Induced Cell Turnover (ICT) is a theoretical intervention in which the targeted ablation of damaged, diseased and/or nonfunctional cells is coupled with replacement by partially differentiated induced pluripotent stem cells in a gradual and multi-phasic manner. Tissue-specific ablation can be achieved using pro-apoptotic small molecule cocktails, peptide mimetics, and/or tissue-tropic AAV-delivered suicide genes driven by cell-type specific promoters. Replenishment with new cells can be mediated by systemic administration of cells engineered for homing, robustness, and even enhanced function and disease resistance.
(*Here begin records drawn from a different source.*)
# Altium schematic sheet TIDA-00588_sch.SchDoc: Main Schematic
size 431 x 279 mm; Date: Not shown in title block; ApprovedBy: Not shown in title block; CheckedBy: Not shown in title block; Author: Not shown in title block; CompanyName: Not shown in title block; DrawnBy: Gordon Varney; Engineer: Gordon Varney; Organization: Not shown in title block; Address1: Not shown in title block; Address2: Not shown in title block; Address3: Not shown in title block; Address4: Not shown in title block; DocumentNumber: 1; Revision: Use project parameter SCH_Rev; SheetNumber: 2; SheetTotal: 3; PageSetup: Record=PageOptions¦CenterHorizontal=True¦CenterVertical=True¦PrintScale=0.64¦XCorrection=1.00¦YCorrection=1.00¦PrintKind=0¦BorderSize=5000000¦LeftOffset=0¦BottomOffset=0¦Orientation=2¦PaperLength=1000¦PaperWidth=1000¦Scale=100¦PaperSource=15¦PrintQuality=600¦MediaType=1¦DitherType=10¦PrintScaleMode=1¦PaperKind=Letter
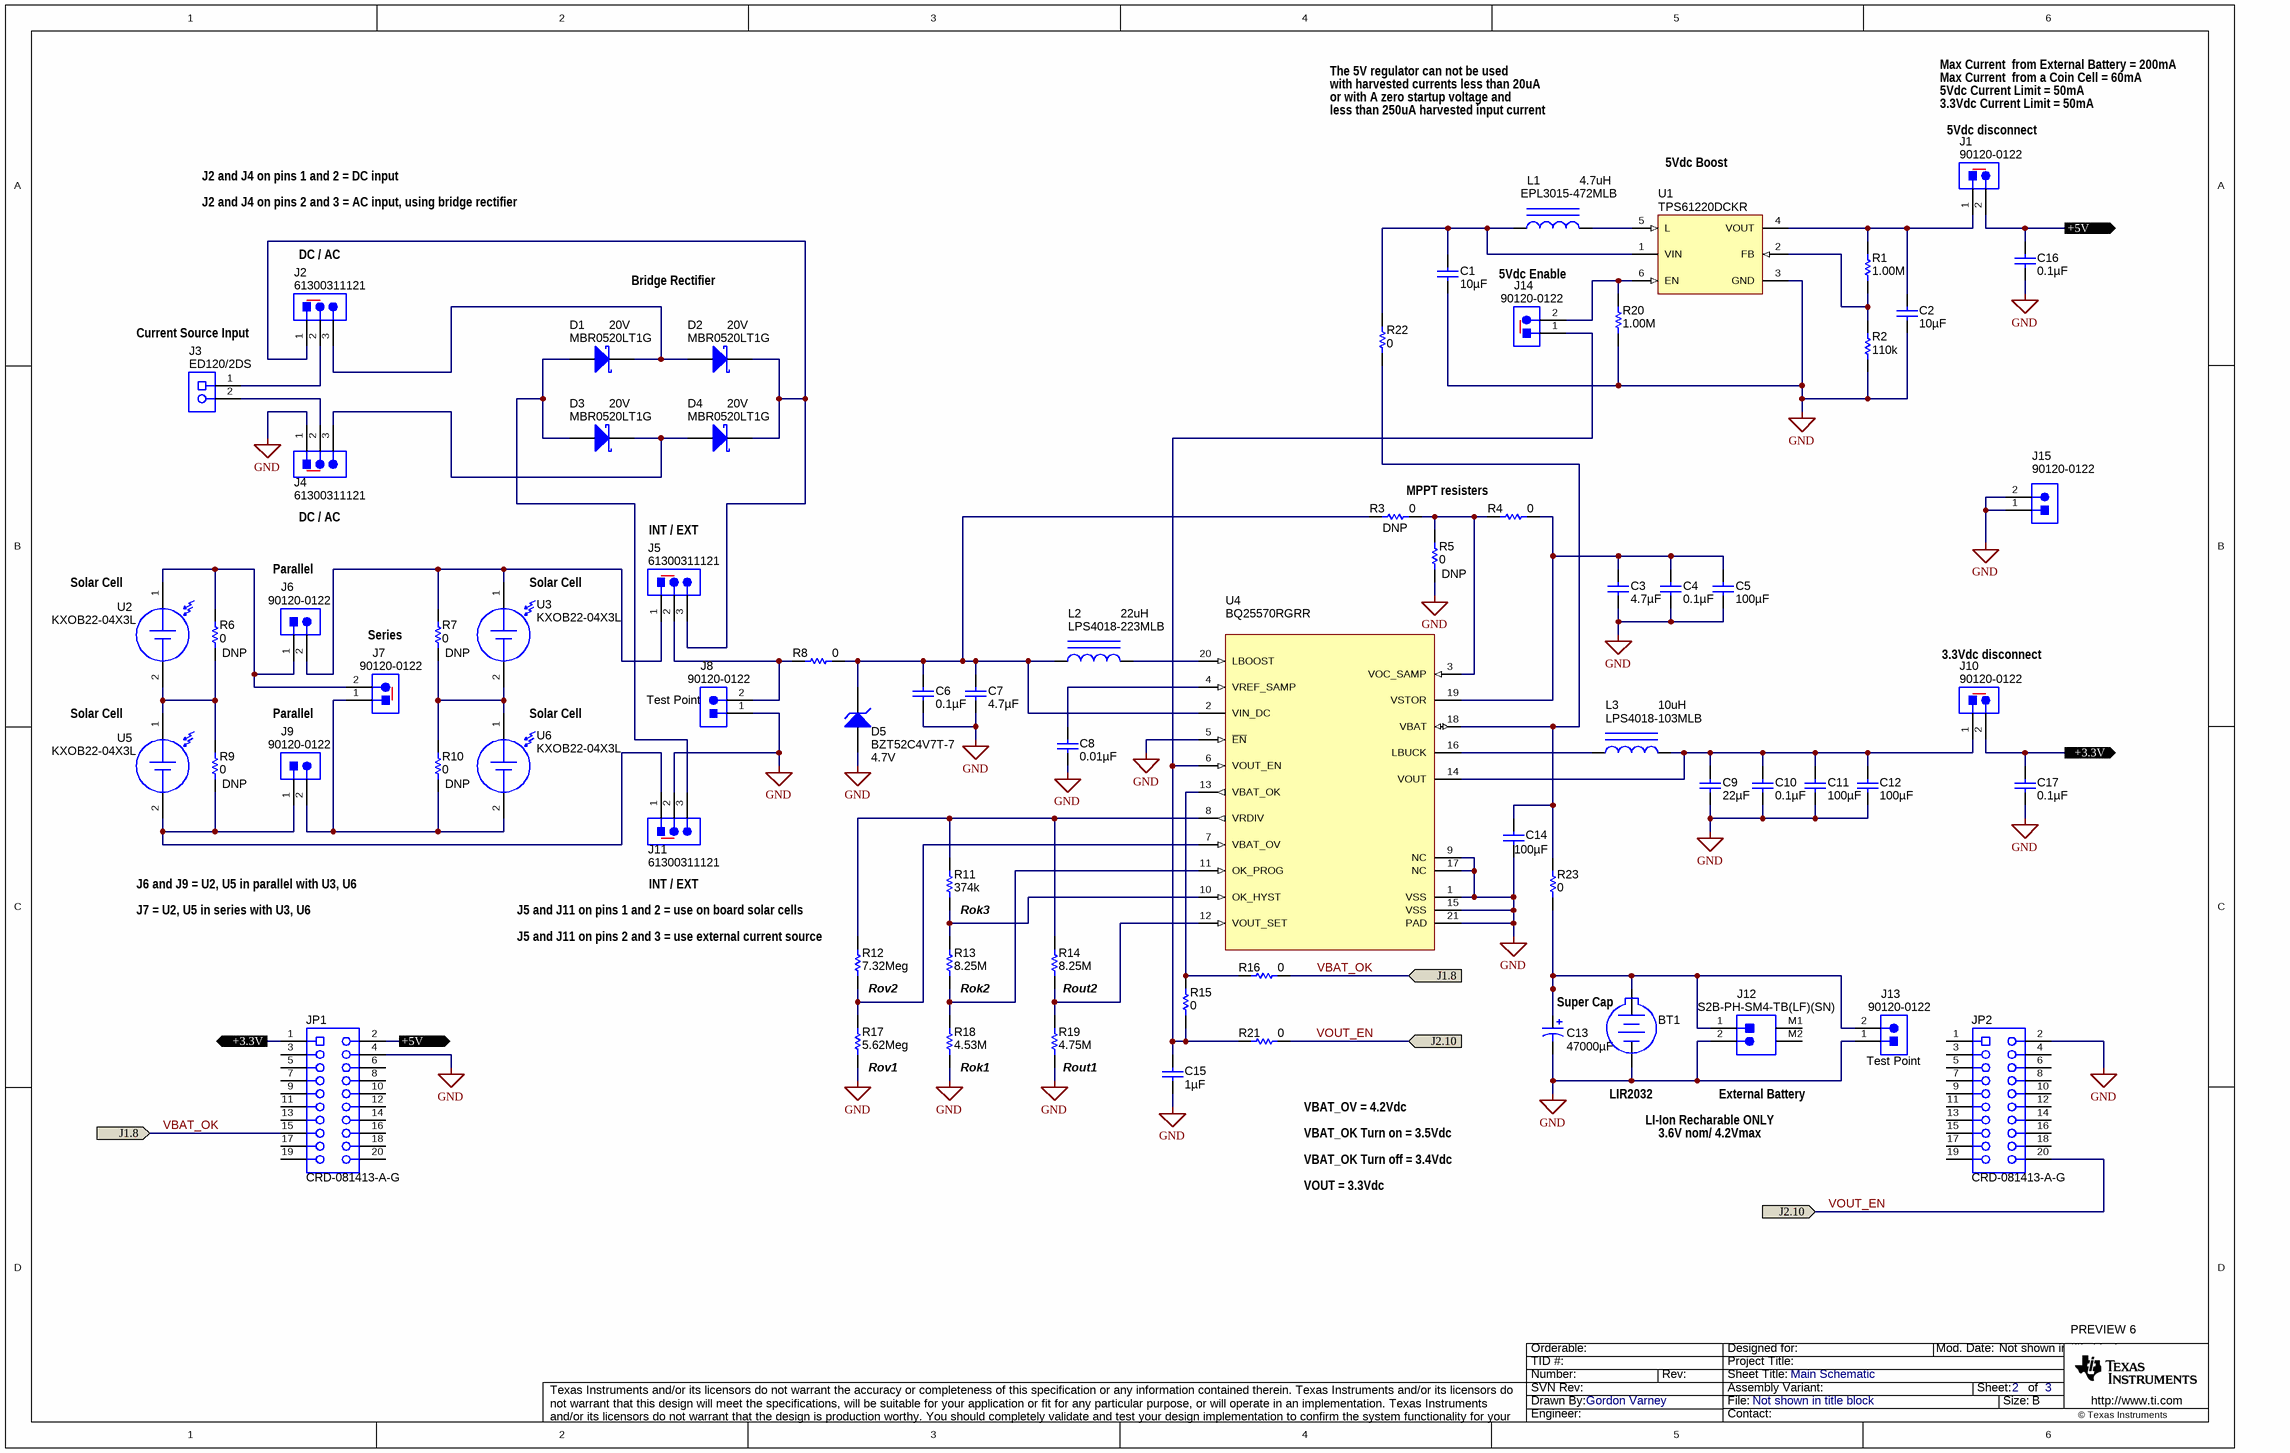
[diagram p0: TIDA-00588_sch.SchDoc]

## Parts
BT1  BS-7  [BAT_BS-7]  (value not drawn)
C1  ValueDisplayed: 10µF  [0805_HV]  (hidden comment: GRM21BR61A106KE19L)
C2  ValueDisplayed: 10µF  [0805_HV]  (hidden comment: GRM21BR61A106KE19L)
C3  ValueDisplayed: 4.7µF  [0402]  (hidden comment: C1005X5R0J475M050BC)
C4  ValueDisplayed: 0.1µF  [0402]  (hidden comment: GRM155R71A104KA01D)
C5  ValueDisplayed: 100µF  [1210]  (hidden comment: C1210C107M9PACTU)
C6  ValueDisplayed: 0.1µF  [0402]  (hidden comment: GRM155R71A104KA01D)
C7  ValueDisplayed: 4.7µF  [0402]  (hidden comment: C1005X5R0J475M050BC)
C8  ValueDisplayed: 0.01µF  [0402]  (hidden comment: GRM155R61A103KA01D)
C9  ValueDisplayed: 22µF  [0603]  (hidden comment: CL10A226MP8NUNE)
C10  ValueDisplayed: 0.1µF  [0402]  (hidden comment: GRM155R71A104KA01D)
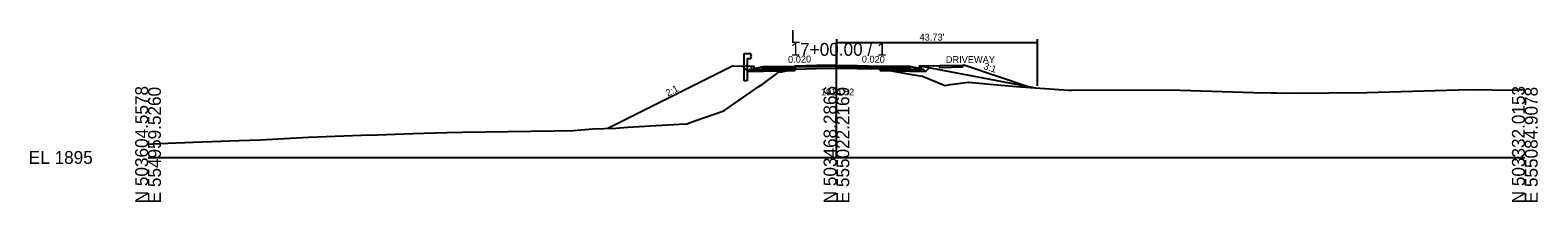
# Model space of a CAD drawing. Extents: x -26 to 4603, y -10 to 4703.
# Drawn here: x -25.7 to 302.8, y 3090.3 to 3127.8 of the extents above; entities that cross this region are included whole.
import ezdxf

# ---------------------------------------------------------------- set-up
doc = ezdxf.new("R2010")
doc.units = 0
for name, color, linetype in [('Default', 7, 'Continuous'), ('Exist Cross Section Cell', 7, 'Continuous'), ('Exist XS Ground Line', 7, 'Continuous'), ('Prop CMT Guardrail Graphics', 7, 'Continuous'), ('Prop CMT Pvmt Course 1', 7, 'Continuous'), ('Prop CMT Pvmt Course 2', 7, 'Continuous'), ('Prop CMT Pvmt Course 3', 7, 'Continuous'), ('Prop CMT Pvmt Milling', 7, 'Continuous'), ('Prop CMT Shear Line', 7, 'Continuous'), ('Prop CMT Shld Paved Course 2', 7, 'Continuous'), ('Prop CMT Shld Paved Course 3', 7, 'Continuous'), ('Prop CMT Subgrade Earthwork', 7, 'Continuous'), ('Prop Conc Curb and Gutter', 7, 'Continuous'), ('Prop Corridor Mesh Bottom', 7, 'Continuous'), ('Prop XS Finish Grade', 7, 'Continuous'), ('Prop XS Label Text', 7, 'Continuous'), ('Prop XS SS Elevation Text', 7, 'Continuous'), ('Scratch_Level_0', 7, 'Continuous'), ('Scratch_Level_9', 7, 'Continuous')]:
    doc.layers.add(name, color=color, linetype=linetype)

msp = doc.modelspace()

# ---------------------------------------------------------------- linework, layer by layer
at = {"layer": 'Exist Cross Section Cell'}
for p, q in [((150, 3100), (150, 3125)), ((0, 3100), (150, 3100)), ((150, 3100), (300, 3100))]:
    msp.add_line(p, q, dxfattribs=at)
at = {"layer": 'Exist XS Ground Line'}
msp.add_lwpolyline([(0, 3102.92), (2.49, 3103.02), (9.8, 3103.32), (19.87, 3103.68), (24.51, 3103.87), (34.95, 3104.41), (46.52, 3104.84), (50.03, 3104.93), (57.66, 3105.2), (65.11, 3105.46), (68.54, 3105.51), (88.41, 3105.84), (92.69, 3105.88), (96.82, 3106.24), (101.92, 3106.42), (104.56, 3106.59), (108.25, 3106.8), (115.73, 3107.26), (117.37, 3107.33), (119.37, 3108.09), (125.49, 3110.21), (133.12, 3115.49), (133.78, 3115.92), (137.49, 3118.66), (138.03, 3118.7), (140.97, 3119.28), (145.62, 3119.41), (149.93, 3119.52), (154.52, 3119.43), (159.53, 3119.32), (166.44, 3118.14), (168.72, 3117.76), (172.95, 3116.02), (173.67, 3115.72), (174.78, 3115.92), (178.78, 3116.45), (185.88, 3115.77), (189.19, 3115.47), (200.59, 3114.69), (200.81, 3114.68), (201.22, 3114.68), (222.64, 3114.75), (240.89, 3114.18), (244.66, 3114.14), (246.05, 3114.09), (249.07, 3114.03), (265.59, 3114.19), (278.03, 3114.57), (287.93, 3114.81), (292.92, 3114.73), (293.9, 3114.72), (298.8, 3114.76), (300, 3114.83)], dxfattribs=at)
at = {"layer": 'Prop CMT Guardrail Graphics'}
for points in [[(129.89, 3116.71), (129.89, 3122.71)], [(129.89, 3122.71), (131.23, 3122.71), (131.5, 3122.41)], [(131.5, 3121.83), (131.23, 3121.54), (130.56, 3121.54)], [(130.56, 3121.54), (130.56, 3116.71)], [(131.5, 3122.41), (131.23, 3122.12)], [(131.23, 3122.12), (131.5, 3121.83)], [(130.56, 3116.71), (129.89, 3116.71)]]:
    msp.add_lwpolyline(points, dxfattribs=at)
at = {"layer": 'Prop CMT Pvmt Course 1'}
for points in [[(134, 3119.83), (140.97, 3119.96), (140.97, 3119.71), (140.97, 3119.71), (134, 3119.58), (134, 3119.58), (134, 3119.58), (134, 3119.83), (134, 3119.83)], [(149.93, 3120.14), (145.62, 3120.06), (145.62, 3120.06), (140.97, 3119.96), (140.97, 3119.96), (140.97, 3119.28), (140.97, 3119.28), (140.97, 3119.28), (145.62, 3119.41), (145.62, 3119.41), (149.93, 3119.52), (150, 3119.52), (150, 3119.52), (150, 3119.52), (150, 3120.15), (149.93, 3120.14), (149.93, 3120.14)], [(159.53, 3119.95), (159.53, 3119.32), (159.53, 3119.32), (159.53, 3119.32), (154.52, 3119.43), (154.52, 3119.43), (150, 3119.52), (150, 3119.52), (150, 3120.15), (154.52, 3120.06), (154.52, 3120.06), (159.53, 3119.95), (159.53, 3119.95)], [(166, 3119.83), (159.53, 3119.95), (159.53, 3119.7), (159.53, 3119.7), (166, 3119.58), (166, 3119.58), (166, 3119.58), (166, 3119.83), (166, 3119.83)]]:
    msp.add_lwpolyline(points, dxfattribs=at)
at = {"layer": 'Prop CMT Pvmt Course 2'}
for points in [[(134, 3119.58), (140.97, 3119.71), (140.97, 3119.38), (140.97, 3119.38), (134, 3119.24), (134, 3119.24), (134, 3119.24), (134, 3119.58), (134, 3119.58)], [(166, 3119.58), (159.53, 3119.7), (159.53, 3119.37), (159.53, 3119.37), (166, 3119.24), (166, 3119.24), (166, 3119.24), (166, 3119.58), (166, 3119.58)]]:
    msp.add_lwpolyline(points, dxfattribs=at)
at = {"layer": 'Prop CMT Pvmt Course 3'}
for points in [[(134, 3119.24), (140.97, 3119.38), (140.97, 3119.01), (140.97, 3119.01), (134, 3118.87), (134, 3118.87), (134, 3118.87), (134, 3119.24), (134, 3119.24)], [(166, 3119.24), (159.53, 3119.37), (159.53, 3119), (159.53, 3119), (166, 3118.87), (166, 3118.87), (166, 3118.87), (166, 3119.24), (166, 3119.24)], [(169, 3119.18), (166, 3119.24), (166, 3118.87), (166, 3118.87), (169.38, 3118.8), (169.38, 3118.8), (169.38, 3118.8), (169, 3119.18), (169, 3119.18)]]:
    msp.add_lwpolyline(points, dxfattribs=at)
at = {"layer": 'Prop CMT Pvmt Milling'}
for points in [[(140.97, 3119.28), (140.97, 3119.28), (145.62, 3119.41), (145.62, 3119.41), (149.93, 3119.52), (150, 3119.52), (150, 3119.52)], [(159.53, 3119.32), (159.53, 3119.32), (154.52, 3119.43), (154.52, 3119.43), (150, 3119.52)]]:
    msp.add_lwpolyline(points, dxfattribs=at)
at = {"layer": 'Prop CMT Shld Paved Course 2'}
for points in [[(149.93, 3119.89), (145.62, 3119.81), (145.62, 3119.81), (140.97, 3119.71), (140.97, 3119.71), (140.97, 3119.28), (140.97, 3119.28), (140.97, 3119.28), (145.62, 3119.41), (145.62, 3119.41), (149.93, 3119.52), (150, 3119.52), (150, 3119.52), (150, 3119.52), (150, 3119.9), (149.93, 3119.89), (149.93, 3119.89)], [(159.53, 3119.7), (159.53, 3119.32), (159.53, 3119.32), (159.53, 3119.32), (154.52, 3119.43), (154.52, 3119.43), (150, 3119.52), (150, 3119.52), (150, 3119.9), (154.52, 3119.81), (154.52, 3119.81), (159.53, 3119.7), (159.53, 3119.7)]]:
    msp.add_lwpolyline(points, dxfattribs=at)
at = {"layer": 'Prop CMT Shld Paved Course 3'}
msp.add_lwpolyline([(131, 3119.18), (134, 3119.24), (134, 3118.87), (134, 3118.87), (130.7, 3118.8), (130.7, 3118.8), (130.7, 3118.8), (131, 3119.18), (131, 3119.18)], dxfattribs=at)
at = {"layer": 'Prop CMT Subgrade Earthwork'}
for points in [[(129.54, 3119.96), (130.7, 3118.8), (130.7, 3118.8)], [(130.7, 3118.8), (130.7, 3118.8), (140.97, 3119.01)], [(169.38, 3118.8), (169.38, 3118.8), (159.53, 3119)], [(170.17, 3119.59), (169.38, 3118.8), (169.38, 3118.8)]]:
    msp.add_lwpolyline(points, dxfattribs=at)
at = {"layer": 'Prop Conc Curb and Gutter'}
for points in [[(132, 3119.43), (134, 3119.83), (134, 3119.24), (134, 3119.24), (131.5, 3119.19), (131.5, 3119.19), (131.5, 3119.19), (131.5, 3119.93), (131.5, 3119.93), (132, 3119.93), (132, 3119.43), (132, 3119.43), (132, 3119.43)], [(168, 3119.43), (166, 3119.83), (166, 3119.24), (166, 3119.24), (168.5, 3119.19), (168.5, 3119.19), (168.5, 3119.19), (168.5, 3119.93), (168.5, 3119.93), (168, 3119.93), (168, 3119.43), (168, 3119.43), (168, 3119.43)]]:
    msp.add_lwpolyline(points, dxfattribs=at)
at = {"layer": 'Prop Corridor Mesh Bottom'}
msp.add_lwpolyline([(166, 3119.83), (166, 3119.58)], dxfattribs=at)
at = {"layer": 'Prop XS Finish Grade'}
msp.add_line((168.5, 3119.93), (193.73, 3115.16), dxfattribs=at)
for points in [[(127.5, 3120.01), (100.21, 3106.36)], [(127.5, 3120.01), (131.5, 3119.93), (131.5, 3119.93)]]:
    msp.add_lwpolyline(points, dxfattribs=at)
at = {"layer": 'Prop XS Label Text'}
for p, q in [((150, 3125.79), (150, 3120.49)), ((193.73, 3125), (150, 3125)), ((193.73, 3125.79), (193.73, 3115.63))]:
    msp.add_line(p, q, dxfattribs=at)
at = {"layer": 'Scratch_Level_0'}
for points in [[(172.5, 3120.01), (168.5, 3119.93), (168.5, 3119.93)], [(172.5, 3120.01), (172.5, 3120.01), (172.49, 3119.67), (172.49, 3119.67), (172.49, 3119.67), (177.51, 3119.77), (177.51, 3119.77), (177.5, 3120.11), (172.5, 3120.01)], [(178, 3120.12), (177.5, 3120.11), (177.5, 3120.11)], [(178, 3120.12), (192.66, 3115.23)]]:
    msp.add_lwpolyline(points, dxfattribs=at)
at = {"layer": 'Scratch_Level_9'}
msp.add_lwpolyline([(134, 3119.83), (134, 3119.58)], dxfattribs=at)

# ---------------------------------------------------------------- texts
at = {"layer": 'Default'}
msp.add_text('-', height=0.0001, dxfattribs=at).set_placement((0, 3100))
at = {"layer": 'Exist Cross Section Cell'}
for s, p in [('L', (140, 3125)), ('17+00.00 / 1', (140, 3122.2)), ('EL 1895', (-26, 3098.6))]:
    msp.add_text(s, height=2.8, dxfattribs=at).set_placement(p)
for s, p in [('N 503604.5578', (0, 3090)), ('E 554959.5260', (2.8, 3090)), ('N 503468.2866', (150, 3090)), ('E 555022.2169', (152.8, 3090)), ('N 503332.0153', (300, 3090)), ('E 555084.9078', (302.8, 3090))]:
    msp.add_text(s, height=2.8, rotation=90, dxfattribs=at).set_placement(p)
at = {"layer": 'Prop CMT Shear Line'}
for p in [(127.5, 3120), (129, 3119.97), (129, 3119.97), (132, 3119.42), (134, 3119.82), (134, 3119.82), (150, 3120.14), (166, 3119.82), (166, 3119.82), (168, 3119.42), (192.66, 3115.23), (101.89, 3106.42)]:
    msp.add_text('X', height=0.0025, dxfattribs=at).set_placement(p)
at = {"layer": 'Prop XS Label Text'}
for s, rotation, p in [("43.73'", 0.0969, (168.12, 3125.5)), ('0.020', 1.1458, (139.48, 3120.64)), ('0.020', 358.8542, (155.51, 3120.74)), ('DRIVEWAY', 0.0969, (173.84, 3120.61)), ('2:1', 27.9443, (113.28, 3113.26))]:
    msp.add_text(s, height=1.5, rotation=rotation, dxfattribs=at).set_placement(p)
at = {"layer": 'Prop XS SS Elevation Text'}
msp.add_text('1914.52', height=1.5, dxfattribs=at).set_placement((146.61, 3113.55))
at = {"layer": 'Scratch_Level_0'}
for p in [(172.5, 3120), (177.5, 3120.1), (178, 3120.11)]:
    msp.add_text('X', height=0.0025, dxfattribs=at).set_placement(p)
msp.add_text('3:1', height=1.5, rotation=341.5668, dxfattribs=at).set_placement((181.93, 3119.35))

doc.saveas('drawing.dxf')
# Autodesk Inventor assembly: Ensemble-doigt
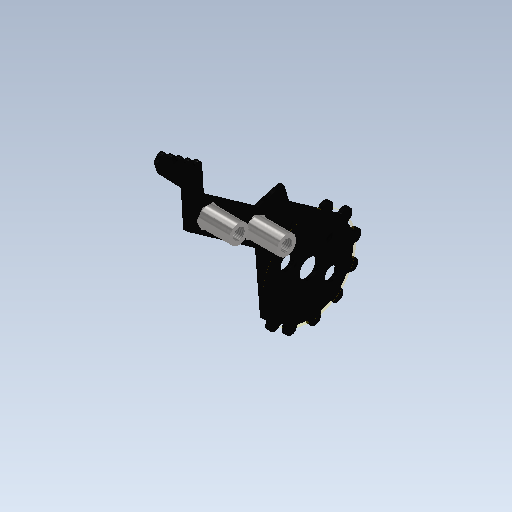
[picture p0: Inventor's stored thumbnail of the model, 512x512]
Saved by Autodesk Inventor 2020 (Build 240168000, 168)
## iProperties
Created: 2021-10
Part Number: Ensemble-doigt
Document SubType Name: Assembly
Designer: bruno
Author: bruno
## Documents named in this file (3)
- C:\Users\bruno\Documents\1-Cours-2021-22\1SI\Challenge-2021\Pince-Inventor\Ensemble-doigt.iam
- C:\Users\bruno\Documents\1-Cours-2021-22\1SI\Challenge-2021\Pince-Inventor\pince.ipt
- C:\Users\bruno\Documents\1-Cours-2021-22\1SI\Challenge-2021\Pince-Inventor\Ecrou-support.ipt
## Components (3 placed, 2 different names)
1. pince:1 — Placage:1, Placage:2, Affleurement:1, Placage:3, Placage:4, Affleurement:2, Placage:5
2. Ecrou-support:1 — Placage:1, Placage:2, Affleurement:1, Placage:3
3. Ecrou-support:2 — Placage:4, Affleurement:2, Placage:5
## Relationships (7: Mate 5, Flush 2)
- Placage:1 [Mate]: pince:1 ↔ Ecrou-support:1
- Placage:2 [Mate]: pince:1 ↔ Ecrou-support:1
- Affleurement:1 [Flush]: pince:1 ↔ Ecrou-support:1
- Placage:3 [Mate]: pince:1 ↔ Ecrou-support:1
- Placage:4 [Mate]: pince:1 ↔ Ecrou-support:2
- Affleurement:2 [Flush]: pince:1 ↔ Ecrou-support:2
- Placage:5 [Mate]: pince:1 ↔ Ecrou-support:2

Otherwise, the controlled release of cells can be achieved using implanted biodegradable scaffolds, hydrogels, and polymer matrices. In theory, ICT would enable in situ tissue regeneration without the need for surgical transplantation of organs produced ex vivo, and addresses non-transplantable tissues (such as the vasculature, lymph nodes, skin and nervous system). We have outlined several complimentary strategies for overcoming barriers to ICT in an effort to stimulate further research at this promising interface of cell therapy, tissue engineering, and regenerative medicine.